Prompt
Write out an exact copy of the line with "height=0.1, rotation=90, dxfattribs=at).set_placement(p)" and of each line after it, through the end of the records below.
■ ■ ■ ■
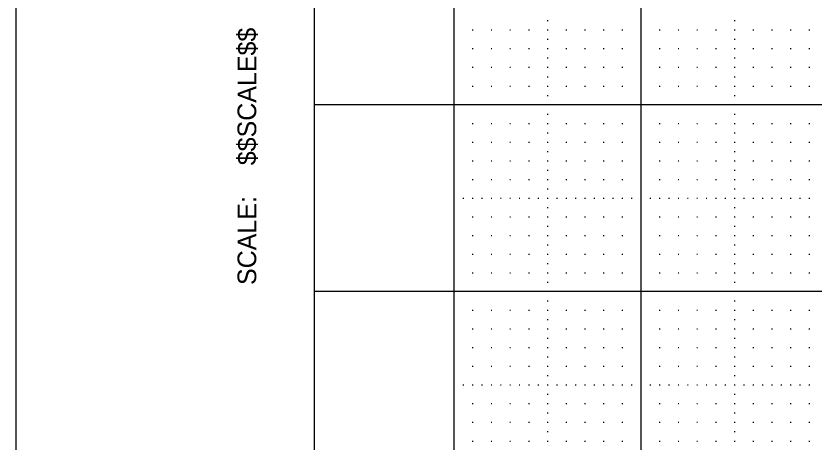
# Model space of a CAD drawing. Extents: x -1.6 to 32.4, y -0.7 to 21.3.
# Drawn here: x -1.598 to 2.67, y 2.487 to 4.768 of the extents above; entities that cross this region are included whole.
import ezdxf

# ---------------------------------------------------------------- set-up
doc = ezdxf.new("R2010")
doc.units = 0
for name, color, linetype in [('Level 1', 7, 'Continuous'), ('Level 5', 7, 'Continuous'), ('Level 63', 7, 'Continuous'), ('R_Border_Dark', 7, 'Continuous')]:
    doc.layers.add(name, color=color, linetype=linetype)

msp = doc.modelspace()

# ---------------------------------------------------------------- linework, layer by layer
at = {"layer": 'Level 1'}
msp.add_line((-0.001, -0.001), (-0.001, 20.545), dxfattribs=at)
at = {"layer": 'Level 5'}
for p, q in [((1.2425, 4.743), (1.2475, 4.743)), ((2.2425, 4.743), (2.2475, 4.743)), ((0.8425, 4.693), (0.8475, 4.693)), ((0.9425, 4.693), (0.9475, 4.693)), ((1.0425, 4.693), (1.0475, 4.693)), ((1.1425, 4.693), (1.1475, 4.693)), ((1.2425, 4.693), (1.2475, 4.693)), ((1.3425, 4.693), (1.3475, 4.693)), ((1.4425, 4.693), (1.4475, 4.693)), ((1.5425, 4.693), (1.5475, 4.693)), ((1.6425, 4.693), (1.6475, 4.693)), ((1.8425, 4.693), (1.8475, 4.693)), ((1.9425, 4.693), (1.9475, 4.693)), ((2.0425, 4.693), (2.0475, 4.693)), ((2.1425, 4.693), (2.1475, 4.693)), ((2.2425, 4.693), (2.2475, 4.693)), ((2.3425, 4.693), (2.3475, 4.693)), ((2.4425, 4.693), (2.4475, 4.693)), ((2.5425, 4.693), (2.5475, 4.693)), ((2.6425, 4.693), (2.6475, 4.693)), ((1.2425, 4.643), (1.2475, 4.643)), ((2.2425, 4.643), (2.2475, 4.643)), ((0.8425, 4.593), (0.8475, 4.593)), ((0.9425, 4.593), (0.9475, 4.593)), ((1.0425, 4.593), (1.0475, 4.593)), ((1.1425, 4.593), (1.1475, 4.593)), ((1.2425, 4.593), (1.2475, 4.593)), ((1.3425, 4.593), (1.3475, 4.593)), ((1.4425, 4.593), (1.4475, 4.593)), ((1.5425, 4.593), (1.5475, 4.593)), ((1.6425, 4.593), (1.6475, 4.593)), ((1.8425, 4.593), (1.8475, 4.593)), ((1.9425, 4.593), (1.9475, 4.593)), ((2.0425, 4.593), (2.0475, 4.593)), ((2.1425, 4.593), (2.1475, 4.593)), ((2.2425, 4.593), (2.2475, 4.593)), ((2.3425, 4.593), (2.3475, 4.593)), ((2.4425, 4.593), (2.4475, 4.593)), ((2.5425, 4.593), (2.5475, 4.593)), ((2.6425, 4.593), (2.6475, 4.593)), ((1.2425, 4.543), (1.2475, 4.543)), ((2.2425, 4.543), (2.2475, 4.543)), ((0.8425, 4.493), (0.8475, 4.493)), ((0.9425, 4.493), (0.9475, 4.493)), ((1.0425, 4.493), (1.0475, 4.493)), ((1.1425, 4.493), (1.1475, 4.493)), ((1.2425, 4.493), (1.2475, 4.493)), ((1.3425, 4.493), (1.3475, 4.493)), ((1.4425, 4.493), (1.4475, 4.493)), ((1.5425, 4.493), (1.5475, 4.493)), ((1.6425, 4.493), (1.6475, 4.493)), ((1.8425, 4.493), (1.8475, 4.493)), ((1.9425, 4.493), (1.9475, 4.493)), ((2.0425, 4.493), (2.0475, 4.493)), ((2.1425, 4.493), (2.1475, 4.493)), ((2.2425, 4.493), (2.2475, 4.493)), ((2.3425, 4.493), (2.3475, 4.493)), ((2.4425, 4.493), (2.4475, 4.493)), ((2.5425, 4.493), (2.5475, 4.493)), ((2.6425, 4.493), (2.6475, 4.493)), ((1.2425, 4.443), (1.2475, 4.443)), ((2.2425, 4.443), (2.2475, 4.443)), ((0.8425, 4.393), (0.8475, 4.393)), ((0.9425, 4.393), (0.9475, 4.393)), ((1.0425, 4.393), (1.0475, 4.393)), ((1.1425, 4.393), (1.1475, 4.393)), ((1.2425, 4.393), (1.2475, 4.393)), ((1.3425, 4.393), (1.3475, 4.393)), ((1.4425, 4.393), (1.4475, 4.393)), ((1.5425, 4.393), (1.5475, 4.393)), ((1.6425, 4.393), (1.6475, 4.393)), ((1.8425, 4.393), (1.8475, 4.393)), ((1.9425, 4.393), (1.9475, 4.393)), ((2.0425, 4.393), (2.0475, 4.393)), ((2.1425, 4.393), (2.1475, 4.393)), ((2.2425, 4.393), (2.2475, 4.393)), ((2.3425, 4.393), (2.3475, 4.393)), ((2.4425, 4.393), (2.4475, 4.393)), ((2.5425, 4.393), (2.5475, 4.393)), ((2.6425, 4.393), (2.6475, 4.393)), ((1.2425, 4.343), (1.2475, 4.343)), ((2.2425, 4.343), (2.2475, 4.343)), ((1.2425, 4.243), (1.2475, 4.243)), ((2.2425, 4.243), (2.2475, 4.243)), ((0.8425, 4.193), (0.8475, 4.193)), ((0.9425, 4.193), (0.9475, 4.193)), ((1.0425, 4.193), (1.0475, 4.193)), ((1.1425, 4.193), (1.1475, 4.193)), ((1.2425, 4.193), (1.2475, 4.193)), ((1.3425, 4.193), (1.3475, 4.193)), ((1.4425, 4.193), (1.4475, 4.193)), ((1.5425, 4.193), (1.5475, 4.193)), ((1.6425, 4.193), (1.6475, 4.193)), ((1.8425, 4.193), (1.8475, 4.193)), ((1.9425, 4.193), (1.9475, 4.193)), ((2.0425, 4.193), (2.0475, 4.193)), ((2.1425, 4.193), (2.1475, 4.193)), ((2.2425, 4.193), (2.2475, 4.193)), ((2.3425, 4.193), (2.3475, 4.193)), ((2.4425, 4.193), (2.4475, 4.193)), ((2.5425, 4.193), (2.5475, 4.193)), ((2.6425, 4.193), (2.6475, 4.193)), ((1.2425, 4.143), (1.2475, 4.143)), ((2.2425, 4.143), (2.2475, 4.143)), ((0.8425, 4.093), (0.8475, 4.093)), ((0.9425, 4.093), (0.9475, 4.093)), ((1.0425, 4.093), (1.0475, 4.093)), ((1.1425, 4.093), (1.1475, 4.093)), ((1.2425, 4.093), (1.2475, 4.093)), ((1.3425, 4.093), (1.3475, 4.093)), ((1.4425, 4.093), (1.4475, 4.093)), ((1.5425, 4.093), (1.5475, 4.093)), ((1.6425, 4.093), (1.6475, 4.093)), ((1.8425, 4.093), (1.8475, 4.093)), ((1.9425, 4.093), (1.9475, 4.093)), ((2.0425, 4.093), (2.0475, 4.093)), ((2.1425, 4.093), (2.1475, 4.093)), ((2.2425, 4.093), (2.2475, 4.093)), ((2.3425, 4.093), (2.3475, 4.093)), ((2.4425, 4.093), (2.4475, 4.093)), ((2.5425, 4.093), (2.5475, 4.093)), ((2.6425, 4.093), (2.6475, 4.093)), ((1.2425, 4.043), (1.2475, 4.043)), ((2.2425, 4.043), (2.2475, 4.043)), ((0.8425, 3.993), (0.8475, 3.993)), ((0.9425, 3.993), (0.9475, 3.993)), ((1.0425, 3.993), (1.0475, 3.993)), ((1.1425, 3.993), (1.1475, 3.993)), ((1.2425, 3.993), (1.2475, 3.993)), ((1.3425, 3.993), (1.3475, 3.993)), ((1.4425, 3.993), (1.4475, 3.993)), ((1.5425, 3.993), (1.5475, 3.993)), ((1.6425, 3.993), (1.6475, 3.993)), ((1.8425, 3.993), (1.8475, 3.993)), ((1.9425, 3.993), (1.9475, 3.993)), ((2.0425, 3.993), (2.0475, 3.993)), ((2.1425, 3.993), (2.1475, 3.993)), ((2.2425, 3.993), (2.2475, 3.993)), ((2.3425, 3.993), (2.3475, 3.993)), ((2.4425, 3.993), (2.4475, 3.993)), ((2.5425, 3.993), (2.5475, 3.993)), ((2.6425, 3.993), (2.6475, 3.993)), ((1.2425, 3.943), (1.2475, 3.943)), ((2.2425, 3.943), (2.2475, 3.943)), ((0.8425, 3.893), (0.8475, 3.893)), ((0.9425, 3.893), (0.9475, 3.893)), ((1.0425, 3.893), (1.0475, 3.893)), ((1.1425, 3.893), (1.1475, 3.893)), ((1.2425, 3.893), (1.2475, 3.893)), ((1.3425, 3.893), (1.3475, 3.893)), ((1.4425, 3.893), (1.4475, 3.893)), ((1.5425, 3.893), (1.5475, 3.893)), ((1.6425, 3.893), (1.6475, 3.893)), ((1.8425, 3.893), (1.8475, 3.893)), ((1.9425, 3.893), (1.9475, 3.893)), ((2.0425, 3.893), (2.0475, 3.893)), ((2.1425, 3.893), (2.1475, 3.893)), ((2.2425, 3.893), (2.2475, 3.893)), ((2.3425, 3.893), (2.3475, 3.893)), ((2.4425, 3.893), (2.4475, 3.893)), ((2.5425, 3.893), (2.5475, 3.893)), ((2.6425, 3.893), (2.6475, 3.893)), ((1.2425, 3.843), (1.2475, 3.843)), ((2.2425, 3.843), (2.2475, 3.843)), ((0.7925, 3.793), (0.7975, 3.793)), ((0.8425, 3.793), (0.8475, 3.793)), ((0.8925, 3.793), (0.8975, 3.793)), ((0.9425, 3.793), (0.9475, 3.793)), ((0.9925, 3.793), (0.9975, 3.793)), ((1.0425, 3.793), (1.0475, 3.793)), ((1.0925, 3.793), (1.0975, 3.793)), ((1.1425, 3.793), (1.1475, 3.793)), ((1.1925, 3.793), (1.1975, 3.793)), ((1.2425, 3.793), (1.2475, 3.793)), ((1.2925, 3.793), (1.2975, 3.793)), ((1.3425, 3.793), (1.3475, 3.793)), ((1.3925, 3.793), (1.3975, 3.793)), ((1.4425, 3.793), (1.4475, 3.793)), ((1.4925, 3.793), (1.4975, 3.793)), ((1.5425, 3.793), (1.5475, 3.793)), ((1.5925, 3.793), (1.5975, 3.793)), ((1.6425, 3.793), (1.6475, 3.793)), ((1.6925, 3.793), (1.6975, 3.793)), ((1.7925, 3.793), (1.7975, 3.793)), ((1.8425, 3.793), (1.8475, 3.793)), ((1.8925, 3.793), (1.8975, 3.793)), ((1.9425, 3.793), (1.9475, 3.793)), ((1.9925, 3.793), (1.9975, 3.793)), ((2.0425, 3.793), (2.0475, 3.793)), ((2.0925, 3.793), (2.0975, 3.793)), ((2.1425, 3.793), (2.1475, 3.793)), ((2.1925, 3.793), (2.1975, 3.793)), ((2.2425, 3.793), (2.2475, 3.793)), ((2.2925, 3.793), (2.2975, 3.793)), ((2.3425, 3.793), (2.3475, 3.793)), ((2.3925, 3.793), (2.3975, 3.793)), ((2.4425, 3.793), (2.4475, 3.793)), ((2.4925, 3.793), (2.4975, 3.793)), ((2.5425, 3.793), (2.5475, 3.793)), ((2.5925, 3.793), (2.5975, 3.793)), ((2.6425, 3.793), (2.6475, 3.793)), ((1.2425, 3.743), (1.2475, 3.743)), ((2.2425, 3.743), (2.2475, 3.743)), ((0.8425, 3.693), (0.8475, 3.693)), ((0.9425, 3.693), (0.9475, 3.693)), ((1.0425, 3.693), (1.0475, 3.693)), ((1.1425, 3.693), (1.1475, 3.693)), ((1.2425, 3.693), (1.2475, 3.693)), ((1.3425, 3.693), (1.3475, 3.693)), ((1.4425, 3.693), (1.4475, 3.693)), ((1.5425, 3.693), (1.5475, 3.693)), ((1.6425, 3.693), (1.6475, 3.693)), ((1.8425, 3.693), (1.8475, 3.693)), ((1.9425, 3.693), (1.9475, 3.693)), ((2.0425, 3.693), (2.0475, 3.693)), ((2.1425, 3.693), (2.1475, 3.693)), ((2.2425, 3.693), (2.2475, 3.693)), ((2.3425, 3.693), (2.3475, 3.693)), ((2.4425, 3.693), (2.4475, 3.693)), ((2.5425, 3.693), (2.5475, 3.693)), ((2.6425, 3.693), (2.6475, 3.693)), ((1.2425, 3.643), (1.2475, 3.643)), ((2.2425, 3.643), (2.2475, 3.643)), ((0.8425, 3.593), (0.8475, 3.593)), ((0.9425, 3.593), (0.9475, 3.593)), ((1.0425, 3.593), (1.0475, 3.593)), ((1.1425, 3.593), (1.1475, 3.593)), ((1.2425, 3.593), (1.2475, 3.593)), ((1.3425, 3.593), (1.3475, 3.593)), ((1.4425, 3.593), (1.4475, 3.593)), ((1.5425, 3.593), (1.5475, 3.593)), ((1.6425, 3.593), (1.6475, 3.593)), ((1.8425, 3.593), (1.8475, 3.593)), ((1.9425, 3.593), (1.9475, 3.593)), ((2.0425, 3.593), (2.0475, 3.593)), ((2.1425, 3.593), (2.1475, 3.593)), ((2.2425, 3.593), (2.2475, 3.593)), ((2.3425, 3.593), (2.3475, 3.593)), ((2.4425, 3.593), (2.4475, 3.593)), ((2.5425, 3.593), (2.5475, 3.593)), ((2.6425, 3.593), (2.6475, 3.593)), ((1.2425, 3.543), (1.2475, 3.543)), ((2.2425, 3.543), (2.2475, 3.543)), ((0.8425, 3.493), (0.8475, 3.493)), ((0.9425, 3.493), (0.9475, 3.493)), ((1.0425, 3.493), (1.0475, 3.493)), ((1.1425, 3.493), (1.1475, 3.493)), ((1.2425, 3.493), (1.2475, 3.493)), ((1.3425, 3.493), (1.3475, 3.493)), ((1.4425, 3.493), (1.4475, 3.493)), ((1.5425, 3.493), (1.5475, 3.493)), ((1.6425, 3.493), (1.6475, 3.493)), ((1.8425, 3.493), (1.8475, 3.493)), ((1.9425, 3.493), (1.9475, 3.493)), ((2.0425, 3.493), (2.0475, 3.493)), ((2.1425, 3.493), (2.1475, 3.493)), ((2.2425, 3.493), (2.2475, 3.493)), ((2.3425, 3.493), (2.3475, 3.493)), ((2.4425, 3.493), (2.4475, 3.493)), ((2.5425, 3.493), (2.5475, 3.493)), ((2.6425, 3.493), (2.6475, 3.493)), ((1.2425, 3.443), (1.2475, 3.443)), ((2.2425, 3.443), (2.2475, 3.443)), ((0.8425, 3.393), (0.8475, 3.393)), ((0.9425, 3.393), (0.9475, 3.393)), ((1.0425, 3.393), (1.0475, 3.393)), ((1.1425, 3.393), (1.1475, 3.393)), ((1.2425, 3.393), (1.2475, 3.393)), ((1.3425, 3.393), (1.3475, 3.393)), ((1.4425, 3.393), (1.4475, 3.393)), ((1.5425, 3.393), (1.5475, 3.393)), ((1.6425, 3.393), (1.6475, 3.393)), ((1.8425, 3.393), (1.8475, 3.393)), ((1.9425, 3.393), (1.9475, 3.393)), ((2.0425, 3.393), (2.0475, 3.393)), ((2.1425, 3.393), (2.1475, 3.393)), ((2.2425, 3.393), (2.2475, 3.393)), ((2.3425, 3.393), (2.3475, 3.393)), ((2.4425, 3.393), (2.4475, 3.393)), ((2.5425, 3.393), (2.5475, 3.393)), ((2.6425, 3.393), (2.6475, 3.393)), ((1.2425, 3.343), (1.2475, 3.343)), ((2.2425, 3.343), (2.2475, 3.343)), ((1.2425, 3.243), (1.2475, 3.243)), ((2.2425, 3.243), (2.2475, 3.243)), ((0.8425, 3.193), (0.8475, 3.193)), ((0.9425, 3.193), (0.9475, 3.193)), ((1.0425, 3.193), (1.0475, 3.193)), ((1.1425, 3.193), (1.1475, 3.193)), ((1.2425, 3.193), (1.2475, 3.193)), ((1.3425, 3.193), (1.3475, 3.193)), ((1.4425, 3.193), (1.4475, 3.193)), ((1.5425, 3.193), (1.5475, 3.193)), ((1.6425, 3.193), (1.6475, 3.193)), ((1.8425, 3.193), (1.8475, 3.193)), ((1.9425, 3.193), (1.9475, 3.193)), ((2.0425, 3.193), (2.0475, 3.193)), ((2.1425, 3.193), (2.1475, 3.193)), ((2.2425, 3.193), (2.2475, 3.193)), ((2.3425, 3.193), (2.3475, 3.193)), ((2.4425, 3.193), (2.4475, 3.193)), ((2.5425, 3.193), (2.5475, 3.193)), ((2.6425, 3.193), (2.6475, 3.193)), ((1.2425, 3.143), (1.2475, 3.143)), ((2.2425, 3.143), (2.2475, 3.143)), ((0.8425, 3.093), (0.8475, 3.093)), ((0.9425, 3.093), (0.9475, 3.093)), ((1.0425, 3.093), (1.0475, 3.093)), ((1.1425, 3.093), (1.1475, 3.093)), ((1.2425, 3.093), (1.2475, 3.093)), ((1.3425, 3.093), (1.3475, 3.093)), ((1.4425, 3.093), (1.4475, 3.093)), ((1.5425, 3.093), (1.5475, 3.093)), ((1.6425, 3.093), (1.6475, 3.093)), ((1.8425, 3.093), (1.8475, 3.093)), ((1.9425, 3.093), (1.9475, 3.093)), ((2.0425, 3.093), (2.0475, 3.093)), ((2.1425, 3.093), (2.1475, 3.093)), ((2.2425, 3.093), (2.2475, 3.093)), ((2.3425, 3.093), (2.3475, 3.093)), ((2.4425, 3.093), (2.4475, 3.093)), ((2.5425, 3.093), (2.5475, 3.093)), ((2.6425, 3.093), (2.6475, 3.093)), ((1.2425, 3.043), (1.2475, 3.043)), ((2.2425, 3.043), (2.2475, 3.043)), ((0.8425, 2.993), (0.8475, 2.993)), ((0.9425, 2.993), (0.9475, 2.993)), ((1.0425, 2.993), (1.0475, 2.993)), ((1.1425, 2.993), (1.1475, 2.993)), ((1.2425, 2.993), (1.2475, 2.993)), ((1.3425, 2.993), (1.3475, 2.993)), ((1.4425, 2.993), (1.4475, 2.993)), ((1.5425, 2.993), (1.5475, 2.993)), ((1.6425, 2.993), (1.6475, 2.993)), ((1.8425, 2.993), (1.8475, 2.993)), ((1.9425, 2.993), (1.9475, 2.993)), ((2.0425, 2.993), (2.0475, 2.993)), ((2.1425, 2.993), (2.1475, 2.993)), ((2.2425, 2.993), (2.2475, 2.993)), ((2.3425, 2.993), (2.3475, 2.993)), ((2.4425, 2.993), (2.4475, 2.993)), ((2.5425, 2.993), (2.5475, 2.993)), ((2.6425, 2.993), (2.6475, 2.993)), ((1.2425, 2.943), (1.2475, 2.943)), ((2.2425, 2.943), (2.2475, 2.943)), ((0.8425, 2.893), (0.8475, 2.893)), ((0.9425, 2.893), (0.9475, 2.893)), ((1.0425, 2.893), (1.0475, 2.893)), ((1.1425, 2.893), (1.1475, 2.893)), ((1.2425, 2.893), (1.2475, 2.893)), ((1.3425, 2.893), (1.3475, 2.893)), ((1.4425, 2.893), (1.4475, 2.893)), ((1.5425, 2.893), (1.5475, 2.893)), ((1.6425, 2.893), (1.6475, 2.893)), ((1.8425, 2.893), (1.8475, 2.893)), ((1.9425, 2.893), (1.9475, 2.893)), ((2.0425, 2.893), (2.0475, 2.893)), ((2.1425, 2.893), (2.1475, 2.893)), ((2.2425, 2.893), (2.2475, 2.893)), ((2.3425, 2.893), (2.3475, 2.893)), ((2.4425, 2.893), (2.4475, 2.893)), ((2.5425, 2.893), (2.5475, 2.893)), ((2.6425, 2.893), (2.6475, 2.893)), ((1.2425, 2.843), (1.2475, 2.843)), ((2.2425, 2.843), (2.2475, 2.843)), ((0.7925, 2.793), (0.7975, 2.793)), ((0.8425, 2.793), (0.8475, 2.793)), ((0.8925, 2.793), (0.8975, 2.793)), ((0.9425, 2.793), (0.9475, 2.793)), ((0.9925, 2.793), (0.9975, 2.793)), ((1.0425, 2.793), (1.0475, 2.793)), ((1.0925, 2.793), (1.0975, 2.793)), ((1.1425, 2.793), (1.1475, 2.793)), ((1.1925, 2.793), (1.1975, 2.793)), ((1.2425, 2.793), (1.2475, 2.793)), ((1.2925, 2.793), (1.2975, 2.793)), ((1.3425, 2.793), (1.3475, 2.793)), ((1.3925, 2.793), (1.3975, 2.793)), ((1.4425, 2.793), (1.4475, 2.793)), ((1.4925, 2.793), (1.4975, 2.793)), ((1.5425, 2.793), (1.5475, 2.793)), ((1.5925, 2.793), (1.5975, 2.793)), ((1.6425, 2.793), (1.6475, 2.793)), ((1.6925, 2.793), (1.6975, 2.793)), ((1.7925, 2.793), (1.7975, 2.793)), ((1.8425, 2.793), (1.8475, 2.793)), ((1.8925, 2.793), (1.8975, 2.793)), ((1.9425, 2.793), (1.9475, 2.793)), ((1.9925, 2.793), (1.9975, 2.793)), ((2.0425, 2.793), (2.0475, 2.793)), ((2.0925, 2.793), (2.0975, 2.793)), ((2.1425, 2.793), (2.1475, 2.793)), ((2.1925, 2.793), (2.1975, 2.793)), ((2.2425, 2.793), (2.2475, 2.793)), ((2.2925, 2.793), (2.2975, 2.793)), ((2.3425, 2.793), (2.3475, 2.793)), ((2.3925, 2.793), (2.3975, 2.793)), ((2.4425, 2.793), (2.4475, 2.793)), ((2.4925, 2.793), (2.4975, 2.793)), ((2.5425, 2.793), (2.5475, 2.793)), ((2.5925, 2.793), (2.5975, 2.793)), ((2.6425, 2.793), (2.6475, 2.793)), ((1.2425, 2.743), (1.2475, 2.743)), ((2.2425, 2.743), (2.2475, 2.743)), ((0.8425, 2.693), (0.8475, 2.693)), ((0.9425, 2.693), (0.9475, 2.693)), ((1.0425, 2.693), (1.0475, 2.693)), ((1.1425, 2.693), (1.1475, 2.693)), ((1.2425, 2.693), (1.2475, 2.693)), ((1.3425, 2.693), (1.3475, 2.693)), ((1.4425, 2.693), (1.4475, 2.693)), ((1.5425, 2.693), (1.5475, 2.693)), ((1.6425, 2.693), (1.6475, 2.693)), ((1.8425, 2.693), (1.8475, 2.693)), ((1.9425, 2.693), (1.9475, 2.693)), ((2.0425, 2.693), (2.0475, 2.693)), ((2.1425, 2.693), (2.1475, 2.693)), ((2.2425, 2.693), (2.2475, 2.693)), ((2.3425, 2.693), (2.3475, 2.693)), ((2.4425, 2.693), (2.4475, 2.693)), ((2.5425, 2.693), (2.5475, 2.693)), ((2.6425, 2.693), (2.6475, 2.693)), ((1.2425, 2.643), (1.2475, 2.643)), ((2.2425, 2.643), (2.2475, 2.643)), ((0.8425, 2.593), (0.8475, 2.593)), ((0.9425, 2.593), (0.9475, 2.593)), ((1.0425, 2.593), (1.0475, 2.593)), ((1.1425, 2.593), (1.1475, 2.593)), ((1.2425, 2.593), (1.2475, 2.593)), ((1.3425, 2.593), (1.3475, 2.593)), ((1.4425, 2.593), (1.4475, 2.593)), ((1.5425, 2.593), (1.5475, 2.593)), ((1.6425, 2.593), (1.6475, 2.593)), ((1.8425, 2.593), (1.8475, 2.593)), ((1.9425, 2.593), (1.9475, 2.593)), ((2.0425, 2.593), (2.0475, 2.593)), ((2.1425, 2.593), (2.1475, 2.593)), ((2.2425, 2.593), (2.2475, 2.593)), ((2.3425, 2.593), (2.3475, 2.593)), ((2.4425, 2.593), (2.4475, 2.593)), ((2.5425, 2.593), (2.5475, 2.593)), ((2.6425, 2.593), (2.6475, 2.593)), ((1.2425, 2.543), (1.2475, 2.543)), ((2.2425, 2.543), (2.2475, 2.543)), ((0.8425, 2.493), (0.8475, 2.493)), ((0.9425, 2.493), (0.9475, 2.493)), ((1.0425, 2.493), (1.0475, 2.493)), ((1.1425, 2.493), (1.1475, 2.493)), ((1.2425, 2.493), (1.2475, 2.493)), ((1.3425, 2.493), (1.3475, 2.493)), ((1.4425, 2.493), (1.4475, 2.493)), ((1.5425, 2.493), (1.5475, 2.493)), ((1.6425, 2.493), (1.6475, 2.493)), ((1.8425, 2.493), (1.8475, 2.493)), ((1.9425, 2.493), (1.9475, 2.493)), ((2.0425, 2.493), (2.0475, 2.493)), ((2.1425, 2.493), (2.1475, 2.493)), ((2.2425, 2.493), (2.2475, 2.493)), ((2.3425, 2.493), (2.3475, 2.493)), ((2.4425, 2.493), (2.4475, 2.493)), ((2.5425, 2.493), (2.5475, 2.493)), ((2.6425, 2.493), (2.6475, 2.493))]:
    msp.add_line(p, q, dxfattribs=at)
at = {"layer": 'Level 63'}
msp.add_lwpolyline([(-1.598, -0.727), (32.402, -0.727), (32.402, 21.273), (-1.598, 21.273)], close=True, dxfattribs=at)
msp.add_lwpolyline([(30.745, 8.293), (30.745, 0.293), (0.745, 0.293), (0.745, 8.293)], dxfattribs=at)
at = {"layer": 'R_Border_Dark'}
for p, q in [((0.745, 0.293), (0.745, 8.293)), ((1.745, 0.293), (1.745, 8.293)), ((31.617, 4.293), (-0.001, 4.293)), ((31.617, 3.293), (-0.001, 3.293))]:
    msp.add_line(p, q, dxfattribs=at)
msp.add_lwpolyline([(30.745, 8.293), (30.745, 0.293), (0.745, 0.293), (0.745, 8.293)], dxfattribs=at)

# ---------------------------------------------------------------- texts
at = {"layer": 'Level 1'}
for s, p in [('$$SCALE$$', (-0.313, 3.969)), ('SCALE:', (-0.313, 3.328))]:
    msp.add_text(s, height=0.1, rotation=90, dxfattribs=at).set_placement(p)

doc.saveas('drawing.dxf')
■ ■ ■ ■
Exercise answer
    msp.add_text(s, height=0.1, rotation=90, dxfattribs=at).set_placement(p)

doc.saveas('drawing.dxf')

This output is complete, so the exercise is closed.